Canada’s one stop platform and the #1 National voice to the rental housing industry

Removing rent control on new units won’t ease Toronto’s housing crisis, tenant and housing experts say

Posted in Appraisal, Bylaws / Regulations, CMHC, Communications, Development, Finance, Housing, Industry Trends, Legal, Legislation, Newsworthy, Real Estate Law, Rent Control, Tax Law, Tenancy Law

Removing rent control on new units won’t ease Toronto’s housing crisis, tenant and housing experts say

The Ontario government’s removal of rent controls on new, previously unoccupied rental units will mean higher housing costs in the future but won’t do much to relieve Toronto’s historically low vacancy rate, at least in the near term, say tenant and housing experts.

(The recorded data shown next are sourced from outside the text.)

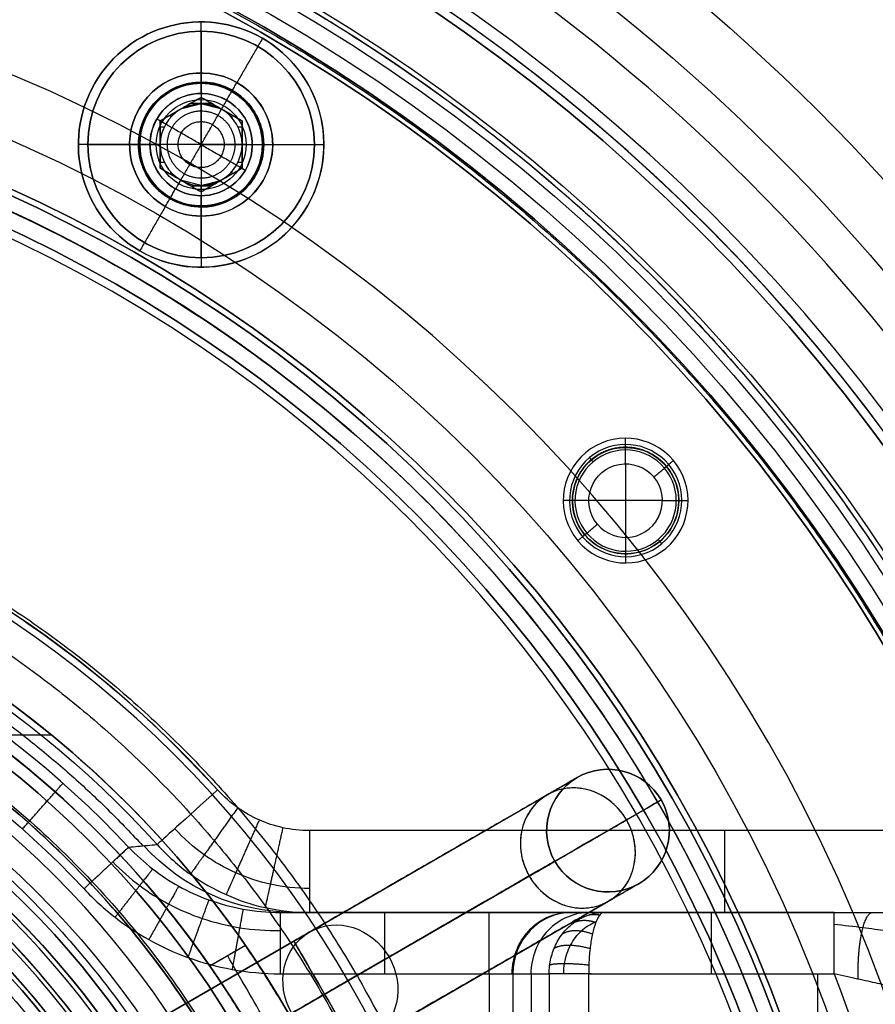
# Model space of a CAD drawing. Header units: millimetres. Extents: x -118 to 2604, y -119 to 118.
# Tile 31 of 41: x 15 to 36, y 13 to 37. Entities that reach past the tile are written whole.
import ezdxf

# ---------------------------------------------------------------- set-up
doc = ezdxf.new("R2010")
doc.units = ezdxf.units.MM
doc.layers.add('Layer 01', color=7, linetype='Continuous', true_color=0x000000)

# ---------------------------------------------------------------- blocks, each defined once
blk = doc.blocks.new('E14-RING-OV76S')
at = {"layer": 'Layer 01', "extrusion": (0, 1, 0)}
for centre, radius in [((0, 0, 2.7), 20.5), ((0, 0, 1.7), 21.5), ((0, 0), 21.5), ((0, 0), 20)]:
    blk.add_arc(centre, radius, 90, 270, dxfattribs=at)
at = {"layer": 'Layer 01', "extrusion": (0, -1, 0)}
for centre, radius in [((0, 0, -1), 20), ((0, 0, -0.85), 21.5), ((0, 0, -0.5), 20)]:
    blk.add_arc(centre, radius, 270, 90, dxfattribs=at)
blk = doc.blocks.new('230-MOGU-DENGZHAO-STEEL')
at = {"layer": 'Layer 01', "extrusion": (0, 1, 0)}
for centre, radius in [((0, 0, -28), 38.466), ((0, 0, -166.5), 113.465)]:
    blk.add_arc(centre, radius, 0, 180, dxfattribs=at)
at = {"layer": 'Layer 01', "extrusion": (0, -1, 0)}
for centre, radius in [((0, 0, 28.265), 36.99), ((0, 0, 86.288), 48.916), ((0, 0, 86.552), 47.44), ((0, 0, 113.001), 56.06), ((0, 0, 113.509), 54.648), ((0, 0, 161), 111.115), ((0, 0, 162.468), 110.804), ((0, 0, 165), 115), ((0, 0, 165), 113.465), ((0, 0, 165.75), 115), ((0, 0, 165.75), 113.465), ((0, 0, 166.5), 115)]:
    blk.add_arc(centre, radius, 0, 180, dxfattribs=at)
at = {"layer": 'Layer 01'}
for points, weights, degree, knots in [([(26.913, -8.004), (26.913, -8.004, 15.878), (15.652, -8.004, 26.913), (0, -8.004, 26.913), (-15.652, -8.004, 26.913), (-26.913, -8.004, 15.878), (-26.913, -8.004, 0)], [1.15206593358, 0.936589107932, 0.950109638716, 1.19262752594, 0.950110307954, 0.936589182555, 1.15206414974], 3, [4.039251, 4.039251, 4.039251, 4.039251, 72.452079, 72.452079, 72.452079, 140.864719, 140.864719, 140.864719, 140.864719]), ([(25.951, -9.154), (25.951, -9.154, 15.31), (15.092, -9.154, 25.951), (0, -9.154, 25.951), (-15.093, -9.154, 25.951), (-25.951, -9.154, 15.31), (-25.951, -9.154, 0)], [1.15206737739, 0.936588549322, 0.950109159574, 1.19262920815, 0.950109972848, 0.936588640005, 1.15206520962], 3, [3.884125, 3.884125, 3.884125, 3.884125, 69.669794, 69.669794, 69.669794, 135.455243, 135.455243, 135.455243, 135.455243]), ([(42.215, -57.409), (42.215, -57.409, 42.215), (0, -57.409, 42.215), (-42.215, -57.409, 42.215), (-42.215, -57.409)], [1, 0.707106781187, 1, 0.707106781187, 1], 2, [76.283581, 76.283581, 76.283581, 152.567161, 152.567161, 228.850742, 228.850742, 228.850742])]:
    blk.add_rational_spline(points, weights, degree=degree, knots=knots, dxfattribs=at)
blk = doc.blocks.new('PANTOP-GUIJIAO-TAO')
at = {"layer": 'Layer 01', "extrusion": (1, 0, 0)}
for centre, radius, start, end in [((0, 0), 19, 180, 0), ((0, 0, 0.4), 19, 180, 0), ((0, 0, -1), 21.105, 90, 270), ((0, 0, -1), 21.905, 90, 270)]:
    blk.add_arc(centre, radius, start, end, dxfattribs=at)
at = {"layer": 'Layer 01', "extrusion": (-1, 0, 0)}
for centre, radius, start, end in [((0, 0, -0.8), 19, 180, 0), ((0, 0, 2.564), 20.996, 270, 90), ((0, 0, 1.869), 20.6, 270, 90), ((0, 0), 20.105, 270, 90), ((0, 0, -0.8), 20.105, 270, 90)]:
    blk.add_arc(centre, radius, start, end, dxfattribs=at)
at = {"layer": 'Layer 01'}
for points in [[(0, 0, 20.105), (0, -0.072, 20.105), (0, -0.143, 20.105), (0, -20.248, 19.961), (0, -20.105, -0.143), (0, -19.962, -20.105), (0, 0, -20.105)], [(0.8, 0, 20.105), (0.8, -0.072, 20.105), (0.8, -0.143, 20.105), (0.8, -20.248, 19.961), (0.8, -20.105, -0.143), (0.8, -19.962, -20.105), (0.8, 0, -20.105)]]:
    blk.add_rational_spline(points, [0.997065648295, 0.998525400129, 1, 0.707106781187, 1, 0.708581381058, 0.997065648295], degree=2, knots=[63.003309, 63.003309, 63.003309, 63.162307, 63.162307, 94.74346, 94.74346, 126.165616, 126.165616, 126.165616], dxfattribs=at)
blk = doc.blocks.new('E14_LED')
at = {"layer": 'Layer 01', "extrusion": (0, 1, 0)}
for centre, radius in [((0, 0, 31.728), 22.5), ((0, 0, 18.372), 18.107)]:
    blk.add_arc(centre, radius, 180, 270, dxfattribs=at)
blk = doc.blocks.new('E14-OV-DENGTOU-2000L')
at = {"layer": 'Layer 01', "extrusion": (-1, 0, 0)}
blk.add_arc((0, 0, -16.6), 16.4, 270, 90, dxfattribs=at)
at = {"layer": 'Layer 01', "extrusion": (1, 0, 0)}
for centre in [(0, 0, 15.7), (0, 0, 17.5)]:
    blk.add_arc(centre, 16.4, 90, 270, dxfattribs=at)
blk = doc.blocks.new('E14-METAL-CAP')
at = {"layer": 'Layer 01'}
for p, q in [((14.206, 33, 19.344), (15.837, 33, 19.344)), ((20.149, 31.612, 13.939), (20.149, 33, 13.939)), ((20.583, 32.306, 14.189), (19.714, 32.306, 13.688)), ((20.581, 31.5, 14.192), (19.712, 31.5, 13.69))]:
    blk.add_line(p, q, dxfattribs=at)
at = {"layer": 'Layer 01', "extrusion": (0, -1, 0)}
for centre, radius, start in [((0, 0, -33), 24, 34.7726), ((0, 0, -17.5), 24, 270), ((0, 0, -17.5), 25, 270), ((0, 0, -2), 24, 270), ((0, 0), 23, 270)]:
    blk.add_arc(centre, radius, start, 90, dxfattribs=at)
at = {"layer": 'Layer 01', "extrusion": (0, 1, 0)}
for centre, radius, end in [((0, 0, 33), 25, 145.4187), ((0, 0, 2), 25, 270), ((0, 0, 1), 23, 270)]:
    blk.add_arc(centre, radius, 90, end, dxfattribs=at)
at = {"layer": 'Layer 01', "extrusion": (-0.866025, 0, -0.5)}
blk.add_arc((-31.5, 0, -24.418), 2, 270, 93.2227, dxfattribs=at)
at = {"layer": 'Layer 01'}
for points, degree in [([(19.714, 31.612, 13.688), (19.714, 33, 13.688)], 1), ([(20.583, 33, 14.189), (19.714, 33, 13.688)], 1), ([(20.583, 33, 14.189), (20.583, 31.612, 14.189)], 1), ([(21.712, 31.5, 10.226), (21.712, 31.319, 10.226), (21.692, 30.97, 10.269), (21.602, 30.472, 10.459), (21.455, 30.049, 10.758), (21.258, 29.729, 11.143), (21.021, 29.533, 11.585), (20.758, 29.477, 12.05), (20.486, 29.563, 12.506), (20.226, 29.787, 12.921), (20, 30.131, 13.268), (19.827, 30.572, 13.524), (19.724, 31.08, 13.673), (19.708, 31.431, 13.696), (19.714, 31.612, 13.688)], 3), ([(20.583, 31.612, 14.189), (19.714, 31.612, 13.688)], 1), ([(22.581, 31.5, 10.728), (22.581, 31.319, 10.728), (22.561, 30.97, 10.771), (22.47, 30.472, 10.96), (22.322, 30.049, 11.259), (22.125, 29.729, 11.644), (21.887, 29.533, 12.085), (21.624, 29.477, 12.55), (21.352, 29.563, 13.006), (21.093, 29.787, 13.422), (20.868, 30.131, 13.769), (20.696, 30.571, 14.025), (20.593, 31.08, 14.175), (20.577, 31.431, 14.198), (20.583, 31.612, 14.189)], 3)]:
    blk.add_open_spline(points, degree=degree, dxfattribs=at)
blk.add_rational_spline([(0, 0, -23), (22.893, 0, -23), (23, 0, -0.107), (23.107, 0, 22.893), (0.107, 0, 23), (0.053, 0, 23), (0, 0, 23)], [0.998085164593, 0.708067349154, 1, 0.707106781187, 1, 0.999039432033, 0.998085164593], degree=2, knots=[0.118486, 0.118486, 0.118486, 36.128316, 36.128316, 72.256631, 72.256631, 72.375117, 72.375117, 72.375117], dxfattribs=at)
blk = doc.blocks.new('48X24X2-PINDIAN')
at = {"layer": 'Layer 01', "extrusion": (-1, 0, 0)}
for centre, radius in [((0, 0), 23.7), ((0, 0, -2), 16.75)]:
    blk.add_arc(centre, radius, 180, 0, dxfattribs=at)
at = {"layer": 'Layer 01', "extrusion": (1, 0, 0)}
for centre, radius in [((0, 0, 1), 23.7), ((0, 0, 2), 23.7), ((0, 0), 16.75)]:
    blk.add_arc(centre, radius, 180, 0, dxfattribs=at)
blk = doc.blocks.new('3-ZHIGAN')
at = {"layer": 'Layer 01'}
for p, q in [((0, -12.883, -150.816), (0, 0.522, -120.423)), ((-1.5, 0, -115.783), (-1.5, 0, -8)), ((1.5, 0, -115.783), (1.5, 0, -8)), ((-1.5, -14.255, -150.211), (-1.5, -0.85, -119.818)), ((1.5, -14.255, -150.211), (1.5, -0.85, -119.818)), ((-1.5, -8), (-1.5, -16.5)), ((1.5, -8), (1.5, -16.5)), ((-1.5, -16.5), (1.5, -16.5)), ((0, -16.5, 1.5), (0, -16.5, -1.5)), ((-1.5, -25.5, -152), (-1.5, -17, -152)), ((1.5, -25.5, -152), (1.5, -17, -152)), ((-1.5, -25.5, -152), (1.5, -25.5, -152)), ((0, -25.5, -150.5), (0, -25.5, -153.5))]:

Starting immediately, rent control rules will no longer apply to buildings and flats being rented for the first time, the Progressive Conservative government announced in an economic statement on Thursday.

“Everybody who’s an existing tenant today is protected … but the challenge for the future is there is no supply … the one thing the government can do to bring in new supply is to open the market,” Finance Minister Vic Fedeli said.

Geordie Dent, executive director of the Federation of Metro Tenants’ Associations, called it a return to the “economic evictions” of former PC premier Mike Harris.

“When you were in a unit that had no rent control, the moment you would ask for maintenance or try to enforce any of your rights, you’d get hit with a $1,000 rent increase or a $500 rent increase,” he said.

It had the effect of pushing people out of their homes.

“There is no empirical evidence that rent control affects rental housing development one way or another. When rent control was gutted by Harris in 1997, we were promised thousands and thousands of new units. They did not materialize,” he said, citing zoning and tax incentives as the only effective ways of motivating housing development.

Landlords, who applauded the curtailed rent controls, also cautioned that it is a longer-term solution to boosting rental stock.

“Our belief is that exempting new construction from rent control will encourage companies to bring on new supply,” said Tony Irwin, CEO of the Federation of Rental Housing Providers. Its 2,200 members manage or own about 350,000 rental households in the province. But, he added, “This is not going to bring new supply online tomorrow. It will take some time, probably a few years.”

Under Ontario’s rent controls, landlords are only allowed a provincially capped annual increase. This year, it is 1.8 per cent. There are exceptions for building owners who make significant improvements to their property and a landlord can ask whatever rent they choose when a new tenant moves in.

Until last year, rent control applied only to buildings built before 1991 but, as part of its housing policy to boost affordability, the former Liberal government extended rent controls to all buildings in April 2017.

“I can see they’re trying to encourage new building but down the road there will be less and less units available that are under rent control,” said Rob Field, president of the Graydon Hall Tenants’ Association, representing 1,000 units in three high rises near Don Mills Rd. and Hwy. 401.

Field said his two-bedroom apartment is a good example of how rent control works. He’s been there nine years and pays $1,379 a month. But the same apartment that changed hands now costs $1,700.

Some developers backed away from proposed rental projects immediately after the Liberals extended rent control last year. But that interest in rental development has since revived, said Shaun Hildebrand of Urbanation, a market research company that tracks development in the Toronto region.

There are about 12,000 rental units under construction in Toronto and proposals for another 40,000, he said. But it won’t be enough.

“We need to be building at a pace of probably at least 10,000 a year. To get there we would need to see the level of units under construction triple at least — above 30,000,” Hildebrand said.

The current vacancy rate of about 1 per cent has historically been closer to 2.5 or 3 per cent, he said.

Condos now make up a third of Toronto rentals and there are luxury rentals being built but they’re not much use to vulnerable tenants, who average about half the income of homeowners, said University of Toronto professor David Hulchanski.

Developers stopped building apartments when the federal government stopped subsidizing them, not because the province implemented rent controls, he said. The real issue is vacancy decontrol regulations that allow landlords to charge whatever they want when a tenant moves out.

“It’s an incentive to get rid of tenants,” Hulchanski said.

“Landlords are charging whatever they can get when a unit is empty. If you own a building in a poor neighbourhood you can’t soak them too much more. If you own the building in gentrifying neighbourhoods you do pretty good,” he said.

“It’s not the building of the units, it’s the affordability of the units that’s the problem,” said NDP Leader Andrea Horwath. “By getting rid of rent controls we’re just going to guarantee that those developers can charge whatever price they want.”

“I don’t know how raising peoples’ rents is helping the people,” said interim Liberal leader John Fraser.